**EXCERPTED DATA**
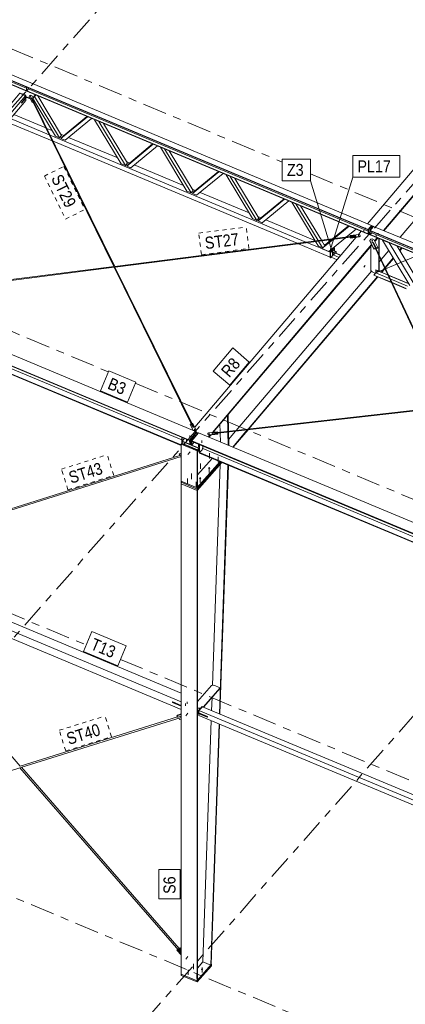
# Model space of a CAD drawing. Header units: millimetres. Extents: x -698 to 216, y -34 to 576.
# Tile 16 of 88: x -441 to -393, y 171 to 294. Entities that reach past the tile are written whole.
import ezdxf

# ---------------------------------------------------------------- set-up
doc = ezdxf.new("R2010")
doc.units = ezdxf.units.MM
for name, pattern in [('XKITLINE00', [0]), ('XKITLINE02', [4, 2, -2]), ('XKITLINE03', [6, 3, -1, 1, -1]), ('XKITLINE04', [3, 0.5, -0.5, 0.5, -0.5, 0.5, -0.5])]:
    doc.linetypes.add(name, pattern=pattern)
for name, color, linetype, lineweight in [('Element', 2, 'Continuous', 0), ('Spoina', 1, 'Continuous', 0), ('Znak elementu', 2, 'Continuous', 0), ('Śruba', 3, 'Continuous', 0)]:
    doc.layers.add(name, color=color, linetype=linetype, lineweight=lineweight)
doc.styles.add('ARIAL', font='ARIAL.TTF')

msp = doc.modelspace()

# ---------------------------------------------------------------- hatches: boundary and pattern name
at = {"layer": 'Śruba'}
for points in [[(-441.07, 284.85), (-441.08, 284.85), (-441.09, 284.86), (-441.1, 284.86), (-441.11, 284.87), (-441.12, 284.87), (-441.12, 284.88), (-441.12, 284.89), (-441.12, 284.9), (-441.12, 284.91), (-441.11, 284.91), (-441.11, 284.92), (-441.1, 284.93), (-441.09, 284.93), (-441.08, 284.93), (-441.06, 284.93), (-441.05, 284.93), (-441.04, 284.93), (-441.03, 284.93), (-441.02, 284.92), (-441.02, 284.92), (-441.01, 284.91), (-441.01, 284.9), (-441, 284.89), (-441.01, 284.89), (-441.01, 284.88), (-441.01, 284.87), (-441.02, 284.86), (-441.03, 284.86), (-441.04, 284.85), (-441.05, 284.85), (-441.06, 284.85)], [(-440.79, 284.73), (-440.8, 284.73), (-440.81, 284.74), (-440.82, 284.74), (-440.83, 284.75), (-440.83, 284.76), (-440.84, 284.76), (-440.84, 284.77), (-440.84, 284.78), (-440.83, 284.79), (-440.83, 284.79), (-440.82, 284.8), (-440.81, 284.81), (-440.8, 284.81), (-440.79, 284.81), (-440.78, 284.81), (-440.77, 284.81), (-440.76, 284.81), (-440.75, 284.81), (-440.74, 284.8), (-440.73, 284.8), (-440.72, 284.79), (-440.72, 284.78), (-440.72, 284.77), (-440.72, 284.77), (-440.72, 284.76), (-440.73, 284.75), (-440.74, 284.74), (-440.75, 284.74), (-440.76, 284.74), (-440.77, 284.73), (-440.78, 284.73)], [(-440.12, 284.57), (-440.13, 284.57), (-440.14, 284.58), (-440.15, 284.58), (-440.16, 284.59), (-440.16, 284.6), (-440.16, 284.6), (-440.17, 284.61), (-440.16, 284.62), (-440.16, 284.63), (-440.16, 284.64), (-440.15, 284.64), (-440.14, 284.65), (-440.13, 284.65), (-440.12, 284.65), (-440.11, 284.65), (-440.1, 284.65), (-440.09, 284.65), (-440.08, 284.65), (-440.07, 284.64), (-440.06, 284.64), (-440.05, 284.63), (-440.05, 284.62), (-440.05, 284.61), (-440.05, 284.61), (-440.05, 284.6), (-440.06, 284.59), (-440.07, 284.59), (-440.07, 284.58), (-440.08, 284.58), (-440.09, 284.57), (-440.11, 284.57)], [(-398.55, 267.8), (-398.56, 267.81), (-398.57, 267.81), (-398.58, 267.82), (-398.59, 267.82), (-398.59, 267.83), (-398.6, 267.84), (-398.6, 267.84), (-398.6, 267.85), (-398.59, 267.86), (-398.59, 267.87), (-398.58, 267.87), (-398.57, 267.88), (-398.56, 267.88), (-398.55, 267.89), (-398.54, 267.89), (-398.53, 267.89), (-398.52, 267.88), (-398.51, 267.88), (-398.5, 267.88), (-398.49, 267.87), (-398.49, 267.86), (-398.48, 267.86), (-398.48, 267.85), (-398.48, 267.84), (-398.49, 267.83), (-398.49, 267.82), (-398.5, 267.82), (-398.51, 267.81), (-398.52, 267.81), (-398.53, 267.81), (-398.54, 267.8)], [(-399.19, 267.2), (-399.2, 267.2), (-399.21, 267.2), (-399.22, 267.21), (-399.22, 267.21), (-399.23, 267.22), (-399.23, 267.23), (-399.23, 267.23), (-399.23, 267.24), (-399.23, 267.25), (-399.22, 267.26), (-399.22, 267.26), (-399.21, 267.27), (-399.2, 267.27), (-399.19, 267.28), (-399.18, 267.28), (-399.16, 267.28), (-399.15, 267.27), (-399.14, 267.27), (-399.13, 267.27), (-399.13, 267.26), (-399.12, 267.25), (-399.12, 267.25), (-399.12, 267.24), (-399.12, 267.23), (-399.12, 267.22), (-399.13, 267.21), (-399.13, 267.21), (-399.14, 267.2), (-399.15, 267.2), (-399.16, 267.2), (-399.17, 267.19)], [(-397.48, 266.54), (-397.49, 266.54), (-397.5, 266.54), (-397.51, 266.55), (-397.52, 266.55), (-397.53, 266.55), (-397.53, 266.56), (-397.54, 266.56), (-397.55, 266.56), (-397.55, 266.57), (-397.56, 266.57), (-397.56, 266.58), (-397.56, 266.59), (-397.57, 266.59), (-397.57, 266.6), (-397.57, 266.6), (-397.57, 266.61), (-397.57, 266.62), (-397.57, 266.62), (-397.56, 266.63), (-397.56, 266.64), (-397.55, 266.64), (-397.55, 266.65), (-397.54, 266.65), (-397.54, 266.66), (-397.53, 266.66), (-397.52, 266.66), (-397.51, 266.67), (-397.51, 266.67), (-397.5, 266.67), (-397.49, 266.67), (-397.48, 266.67), (-397.47, 266.67), (-397.46, 266.67), (-397.45, 266.67), (-397.44, 266.67), (-397.44, 266.67), (-397.43, 266.66), (-397.42, 266.66), (-397.41, 266.65), (-397.41, 266.65), (-397.4, 266.64), (-397.4, 266.64), (-397.39, 266.63), (-397.39, 266.63), (-397.39, 266.62), (-397.39, 266.62), (-397.39, 266.61), (-397.39, 266.6), (-397.39, 266.6), (-397.39, 266.59), (-397.39, 266.58), (-397.4, 266.58), (-397.4, 266.57), (-397.41, 266.57), (-397.41, 266.56), (-397.42, 266.56), (-397.43, 266.55), (-397.43, 266.55), (-397.44, 266.55), (-397.45, 266.55), (-397.46, 266.54), (-397.47, 266.54), (-397.48, 266.54)], [(-396.98, 267.15), (-396.99, 267.15), (-397, 267.16), (-397.01, 267.16), (-397.02, 267.17), (-397.03, 267.17), (-397.03, 267.18), (-397.03, 267.19), (-397.03, 267.2), (-397.03, 267.21), (-397.02, 267.21), (-397.02, 267.22), (-397.01, 267.22), (-397, 267.23), (-396.99, 267.23), (-396.97, 267.23), (-396.96, 267.23), (-396.95, 267.23), (-396.94, 267.23), (-396.93, 267.22), (-396.93, 267.22), (-396.92, 267.21), (-396.92, 267.2), (-396.92, 267.19), (-396.92, 267.18), (-396.92, 267.18), (-396.92, 267.17), (-396.93, 267.16), (-396.94, 267.16), (-396.95, 267.15), (-396.96, 267.15), (-396.97, 267.15)], [(-402.19, 264.94), (-402.18, 264.93), (-402.17, 264.92), (-402.17, 264.91), (-402.17, 264.9), (-402.17, 264.89), (-402.17, 264.89), (-402.17, 264.88), (-402.18, 264.88), (-402.19, 264.87), (-402.2, 264.87), (-402.2, 264.87), (-402.21, 264.88), (-402.22, 264.88), (-402.23, 264.89), (-402.24, 264.89), (-402.25, 264.9), (-402.26, 264.91), (-402.26, 264.92), (-402.27, 264.93), (-402.27, 264.94), (-402.27, 264.94), (-402.27, 264.95), (-402.26, 264.96), (-402.26, 264.96), (-402.25, 264.97), (-402.24, 264.97), (-402.23, 264.97), (-402.22, 264.96), (-402.21, 264.96), (-402.2, 264.95), (-402.19, 264.95)], [(-396.86, 262.71), (-396.85, 262.7), (-396.85, 262.69), (-396.84, 262.69), (-396.84, 262.68), (-396.84, 262.67), (-396.84, 262.66), (-396.85, 262.66), (-396.85, 262.65), (-396.86, 262.65), (-396.87, 262.65), (-396.88, 262.65), (-396.89, 262.65), (-396.9, 262.65), (-396.91, 262.66), (-396.91, 262.67), (-396.92, 262.67), (-396.93, 262.68), (-396.93, 262.69), (-396.94, 262.7), (-396.94, 262.71), (-396.94, 262.72), (-396.94, 262.73), (-396.93, 262.73), (-396.93, 262.74), (-396.92, 262.74), (-396.91, 262.74), (-396.9, 262.74), (-396.89, 262.74), (-396.89, 262.73), (-396.88, 262.73), (-396.87, 262.72)], [(-419.68, 243.04), (-419.69, 243.04), (-419.7, 243.04), (-419.71, 243.05), (-419.72, 243.05), (-419.72, 243.06), (-419.73, 243.07), (-419.73, 243.08), (-419.73, 243.08), (-419.73, 243.09), (-419.72, 243.1), (-419.71, 243.11), (-419.7, 243.11), (-419.69, 243.12), (-419.68, 243.12), (-419.67, 243.12), (-419.66, 243.12), (-419.65, 243.12), (-419.64, 243.11), (-419.63, 243.11), (-419.62, 243.1), (-419.62, 243.09), (-419.61, 243.09), (-419.61, 243.08), (-419.61, 243.07), (-419.62, 243.06), (-419.62, 243.06), (-419.63, 243.05), (-419.64, 243.04), (-419.65, 243.04), (-419.66, 243.04), (-419.67, 243.04)], [(-417.82, 242.49), (-417.83, 242.49), (-417.84, 242.49), (-417.85, 242.5), (-417.86, 242.5), (-417.86, 242.51), (-417.87, 242.52), (-417.87, 242.52), (-417.87, 242.53), (-417.86, 242.54), (-417.86, 242.55), (-417.85, 242.55), (-417.84, 242.56), (-417.83, 242.56), (-417.82, 242.57), (-417.81, 242.57), (-417.8, 242.57), (-417.79, 242.56), (-417.78, 242.56), (-417.77, 242.56), (-417.76, 242.55), (-417.76, 242.54), (-417.75, 242.54), (-417.75, 242.53), (-417.75, 242.52), (-417.76, 242.51), (-417.76, 242.5), (-417.77, 242.5), (-417.78, 242.49), (-417.79, 242.49), (-417.8, 242.49), (-417.81, 242.48)], [(-420.67, 241.68), (-420.68, 241.68), (-420.68, 241.68), (-420.69, 241.68), (-420.7, 241.68), (-420.7, 241.69), (-420.71, 241.69), (-420.71, 241.69), (-420.72, 241.7), (-420.72, 241.7), (-420.73, 241.7), (-420.73, 241.71), (-420.73, 241.71), (-420.74, 241.72), (-420.74, 241.72), (-420.74, 241.73), (-420.74, 241.73), (-420.74, 241.74), (-420.73, 241.74), (-420.73, 241.75), (-420.73, 241.75), (-420.73, 241.76), (-420.72, 241.76), (-420.72, 241.77), (-420.71, 241.77), (-420.71, 241.77), (-420.7, 241.78), (-420.69, 241.78), (-420.69, 241.78), (-420.68, 241.78), (-420.67, 241.78), (-420.66, 241.78), (-420.66, 241.78), (-420.65, 241.78), (-420.64, 241.78), (-420.64, 241.78), (-420.63, 241.78), (-420.62, 241.78), (-420.62, 241.77), (-420.61, 241.77), (-420.61, 241.77), (-420.6, 241.76), (-420.6, 241.76), (-420.59, 241.75), (-420.59, 241.75), (-420.59, 241.74), (-420.59, 241.74), (-420.59, 241.73), (-420.59, 241.73), (-420.59, 241.72), (-420.59, 241.72), (-420.59, 241.71), (-420.6, 241.71), (-420.6, 241.7), (-420.6, 241.7), (-420.61, 241.69), (-420.61, 241.69), (-420.62, 241.69), (-420.63, 241.68), (-420.63, 241.68), (-420.64, 241.68), (-420.65, 241.68), (-420.65, 241.68), (-420.66, 241.68)], [(-419.17, 241.05), (-419.18, 241.05), (-419.19, 241.05), (-419.19, 241.06), (-419.2, 241.06), (-419.21, 241.06), (-419.21, 241.06), (-419.22, 241.07), (-419.22, 241.07), (-419.23, 241.07), (-419.23, 241.08), (-419.24, 241.08), (-419.24, 241.09), (-419.24, 241.09), (-419.24, 241.1), (-419.24, 241.1), (-419.24, 241.11), (-419.24, 241.11), (-419.24, 241.12), (-419.24, 241.12), (-419.23, 241.13), (-419.23, 241.13), (-419.23, 241.14), (-419.22, 241.14), (-419.21, 241.15), (-419.21, 241.15), (-419.2, 241.15), (-419.2, 241.15), (-419.19, 241.16), (-419.18, 241.16), (-419.18, 241.16), (-419.17, 241.16), (-419.16, 241.16), (-419.15, 241.16), (-419.15, 241.16), (-419.14, 241.16), (-419.13, 241.15), (-419.13, 241.15), (-419.12, 241.15), (-419.11, 241.14), (-419.11, 241.14), (-419.1, 241.14), (-419.1, 241.13), (-419.1, 241.13), (-419.1, 241.12), (-419.09, 241.12), (-419.09, 241.11), (-419.09, 241.11), (-419.09, 241.1), (-419.09, 241.1), (-419.09, 241.09), (-419.1, 241.09), (-419.1, 241.08), (-419.1, 241.08), (-419.11, 241.07), (-419.11, 241.07), (-419.12, 241.07), (-419.12, 241.06), (-419.13, 241.06), (-419.14, 241.06), (-419.14, 241.06), (-419.15, 241.05), (-419.16, 241.05), (-419.17, 241.05)], [(-417.84, 238.13), (-417.85, 238.13), (-417.86, 238.13), (-417.88, 238.13), (-417.89, 238.14), (-417.9, 238.14), (-417.91, 238.15), (-417.92, 238.15), (-417.93, 238.16), (-417.94, 238.17), (-417.94, 238.17), (-417.95, 238.18), (-417.95, 238.19), (-417.96, 238.2), (-417.96, 238.21), (-417.96, 238.22), (-417.96, 238.23), (-417.96, 238.23), (-417.95, 238.24), (-417.95, 238.25), (-417.94, 238.26), (-417.94, 238.27), (-417.93, 238.27), (-417.92, 238.28), (-417.91, 238.29), (-417.9, 238.29), (-417.89, 238.3), (-417.88, 238.3), (-417.86, 238.3), (-417.85, 238.31), (-417.84, 238.31), (-417.83, 238.31), (-417.81, 238.31), (-417.8, 238.31), (-417.79, 238.3), (-417.77, 238.3), (-417.76, 238.3), (-417.75, 238.29), (-417.74, 238.29), (-417.73, 238.28), (-417.72, 238.27), (-417.72, 238.27), (-417.71, 238.26), (-417.7, 238.25), (-417.7, 238.24), (-417.7, 238.23), (-417.69, 238.23), (-417.69, 238.22), (-417.69, 238.21), (-417.7, 238.2), (-417.7, 238.19), (-417.7, 238.18), (-417.71, 238.17), (-417.72, 238.17), (-417.72, 238.16), (-417.73, 238.15), (-417.74, 238.15), (-417.75, 238.14), (-417.76, 238.14), (-417.77, 238.13), (-417.79, 238.13), (-417.8, 238.13), (-417.81, 238.13), (-417.83, 238.12)], [(-418.96, 236.85), (-418.98, 236.85), (-418.99, 236.85), (-419, 236.86), (-419.01, 236.86), (-419.02, 236.87), (-419.03, 236.87), (-419.04, 236.88), (-419.05, 236.88), (-419.06, 236.89), (-419.07, 236.9), (-419.07, 236.91), (-419.08, 236.91), (-419.08, 236.92), (-419.08, 236.93), (-419.08, 236.94), (-419.08, 236.95), (-419.08, 236.96), (-419.08, 236.97), (-419.07, 236.98), (-419.07, 236.98), (-419.06, 236.99), (-419.05, 237), (-419.04, 237.01), (-419.03, 237.01), (-419.02, 237.02), (-419.01, 237.02), (-419, 237.03), (-418.99, 237.03), (-418.98, 237.03), (-418.96, 237.03), (-418.95, 237.03), (-418.94, 237.03), (-418.92, 237.03), (-418.91, 237.03), (-418.9, 237.03), (-418.89, 237.02), (-418.88, 237.02), (-418.87, 237.01), (-418.86, 237.01), (-418.85, 237), (-418.84, 236.99), (-418.83, 236.98), (-418.83, 236.98), (-418.82, 236.97), (-418.82, 236.96), (-418.82, 236.95), (-418.82, 236.94), (-418.82, 236.93), (-418.82, 236.92), (-418.82, 236.91), (-418.83, 236.91), (-418.83, 236.9), (-418.84, 236.89), (-418.85, 236.88), (-418.86, 236.88), (-418.87, 236.87), (-418.88, 236.87), (-418.89, 236.86), (-418.9, 236.86), (-418.91, 236.85), (-418.92, 236.85), (-418.94, 236.85), (-418.95, 236.85)], [(-419.26, 207.94), (-419.28, 207.95), (-419.29, 207.95), (-419.29, 207.95), (-419.3, 207.96), (-419.31, 207.97), (-419.31, 207.98), (-419.31, 207.98), (-419.31, 207.99), (-419.31, 208), (-419.3, 208.01), (-419.29, 208.01), (-419.29, 208.02), (-419.28, 208.02), (-419.26, 208.02), (-419.25, 208.02), (-419.24, 208.02), (-419.23, 208.02), (-419.22, 208.02), (-419.21, 208.01), (-419.2, 208.01), (-419.2, 208), (-419.2, 207.99), (-419.19, 207.98), (-419.2, 207.98), (-419.2, 207.97), (-419.2, 207.96), (-419.21, 207.95), (-419.22, 207.95), (-419.23, 207.95), (-419.24, 207.94), (-419.25, 207.94)], [(-419.09, 208.14), (-419.1, 208.14), (-419.11, 208.15), (-419.12, 208.15), (-419.13, 208.16), (-419.13, 208.16), (-419.14, 208.17), (-419.14, 208.18), (-419.14, 208.19), (-419.13, 208.19), (-419.13, 208.2), (-419.12, 208.21), (-419.11, 208.21), (-419.1, 208.22), (-419.09, 208.22), (-419.08, 208.22), (-419.07, 208.22), (-419.06, 208.22), (-419.05, 208.21), (-419.04, 208.21), (-419.03, 208.2), (-419.03, 208.19), (-419.02, 208.19), (-419.02, 208.18), (-419.02, 208.17), (-419.03, 208.16), (-419.03, 208.16), (-419.04, 208.15), (-419.05, 208.15), (-419.06, 208.14), (-419.07, 208.14), (-419.08, 208.14)], [(-418.73, 175.64), (-418.74, 175.64), (-418.76, 175.64), (-418.77, 175.65), (-418.78, 175.65), (-418.79, 175.65), (-418.8, 175.66), (-418.81, 175.67), (-418.82, 175.67), (-418.83, 175.68), (-418.83, 175.69), (-418.84, 175.7), (-418.84, 175.7), (-418.85, 175.71), (-418.85, 175.72), (-418.85, 175.73), (-418.85, 175.74), (-418.85, 175.75), (-418.84, 175.76), (-418.84, 175.77), (-418.83, 175.77), (-418.83, 175.78), (-418.82, 175.79), (-418.81, 175.8), (-418.8, 175.8), (-418.79, 175.81), (-418.78, 175.81), (-418.77, 175.82), (-418.76, 175.82), (-418.74, 175.82), (-418.73, 175.82), (-418.72, 175.82), (-418.7, 175.82), (-418.69, 175.82), (-418.68, 175.82), (-418.67, 175.82), (-418.65, 175.81), (-418.64, 175.81), (-418.63, 175.8), (-418.62, 175.8), (-418.61, 175.79), (-418.61, 175.78), (-418.6, 175.77), (-418.59, 175.77), (-418.59, 175.76), (-418.59, 175.75), (-418.58, 175.74), (-418.58, 175.73), (-418.58, 175.72), (-418.59, 175.71), (-418.59, 175.7), (-418.59, 175.7), (-418.6, 175.69), (-418.61, 175.68), (-418.61, 175.67), (-418.62, 175.67), (-418.63, 175.66), (-418.64, 175.65), (-418.65, 175.65), (-418.67, 175.65), (-418.68, 175.64), (-418.69, 175.64), (-418.7, 175.64), (-418.72, 175.64)]]:
    msp.add_hatch(color=256, dxfattribs=at).paths.add_polyline_path(points, flags=17)

# ---------------------------------------------------------------- linework, layer by layer
at = {"layer": 'Element', "linetype": 'XKITLINE00', "lineweight": 0}
for p, q in [((-397.99, 267.98), (-483.23, 303.58)), ((-397.99, 267.93), (-483.23, 303.53)), ((-483.01, 303.3), (-440.63, 285.6)), ((-482.79, 304.09), (-397.56, 268.49)), ((-397.98, 267.46), (-483.22, 303.06)), ((-397.98, 267.41), (-483.21, 303.02)), ((-398.07, 268.7), (-376.15, 294.52)), ((-396.07, 267.86), (-374.16, 293.69)), ((-396.01, 267.84), (-374.1, 293.66)), ((-394.01, 267.01), (-374.89, 289.54)), ((-462.14, 260.59), (-441.45, 284.97)), ((-441.43, 284.99), (-441.45, 284.97)), ((-440.74, 284.67), (-441.45, 284.97)), ((-441.45, 284.97), (-440.74, 284.67)), ((-440.72, 284.69), (-441.43, 284.99)), ((-440.62, 285.28), (-440.63, 285.74)), ((-440.62, 285.28), (-440.57, 285.25)), ((-440.58, 285.72), (-440.57, 285.25)), ((-440.57, 285.25), (-440.45, 285.39)), ((-440.45, 285.39), (-440.37, 285.61)), ((-440.41, 285.51), (-397.99, 267.79)), ((-440.37, 285.61), (-440.37, 285.63)), ((-461.43, 260.29), (-440.74, 284.67)), ((-440.72, 284.08), (-461.05, 260.13)), ((-441.25, 283.75), (-440.64, 284.47)), ((-440.73, 284.41), (-441.25, 283.8)), ((-441.25, 283.73), (-440.73, 284.34)), ((-441.25, 283.8), (-441.25, 283.73)), ((-440.72, 284.69), (-440.74, 284.67)), ((-440.73, 284.41), (-440.74, 284.67)), ((-440.74, 284.67), (-440.73, 284.41)), ((-440.74, 284.35), (-440.73, 284.34)), ((-440.74, 284.35), (-440.73, 284.34)), ((-440.73, 284.41), (-440.71, 284.43)), ((-440.73, 284.37), (-440.71, 284.36)), ((-440.73, 284.34), (-440.71, 284.36)), ((-440.73, 284.34), (-440.72, 284.08)), ((-440.73, 284.34), (-440.72, 284.08)), ((-440.71, 284.43), (-440.72, 284.69)), ((-440.72, 284.57), (-440.25, 284.38)), ((-440.72, 284.5), (-440.24, 284.31)), ((-440.72, 284.08), (-440.71, 284.1)), ((-440.71, 284.46), (-440.69, 284.49)), ((-440.71, 284.36), (-440.71, 284.1)), ((-440.3, 284.63), (-440.25, 284.7)), ((-440.3, 284.57), (-440.3, 284.63)), ((-439.93, 283.88), (-440.3, 284.63)), ((-440.3, 284.57), (-439.93, 283.82)), ((-440.25, 284.7), (-440.07, 284.75)), ((-440.24, 284.31), (-440.25, 284.38)), ((-440.25, 284.38), (-440.21, 284.38)), ((-440.24, 284.31), (-440.18, 284.32)), ((-440.07, 284.75), (-439.97, 284.71)), ((-440.03, 284.35), (-440, 284.36)), ((-440.03, 284.35), (-439.81, 283.91)), ((-439.98, 284.37), (-440.02, 284.35)), ((-440.02, 284.35), (-440.02, 284.34)), ((-439.95, 284.37), (-439.98, 284.37)), ((-439.97, 284.71), (-439.6, 283.96)), ((-439.97, 284.37), (-439.94, 284.38)), ((-439.94, 284.35), (-439.95, 284.37)), ((-439.94, 284.35), (-439.94, 284.38)), ((-439.72, 283.93), (-439.94, 284.38)), ((-429.62, 263.38), (-439.94, 284.35)), ((-439.81, 283.91), (-439.93, 283.88)), ((-439.93, 283.82), (-439.93, 283.88)), ((-439.93, 283.82), (-439.81, 283.85)), ((-439.84, 284.45), (-439.79, 284.46)), ((-439.81, 284.39), (-439.79, 284.39)), ((-439.81, 283.85), (-439.81, 283.91)), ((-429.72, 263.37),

**TASK ITEM**
Everything from the first line of the entries above through the line with "import ezdxf" should be duplicated exactly, except the pictures.

**EXERCISE ANSWER**
# Model space of a CAD drawing. Header units: millimetres. Extents: x -698 to 216, y -34 to 576.
# Tile 16 of 88: x -441 to -393, y 171 to 294. Entities that reach past the tile are written whole.
import ezdxf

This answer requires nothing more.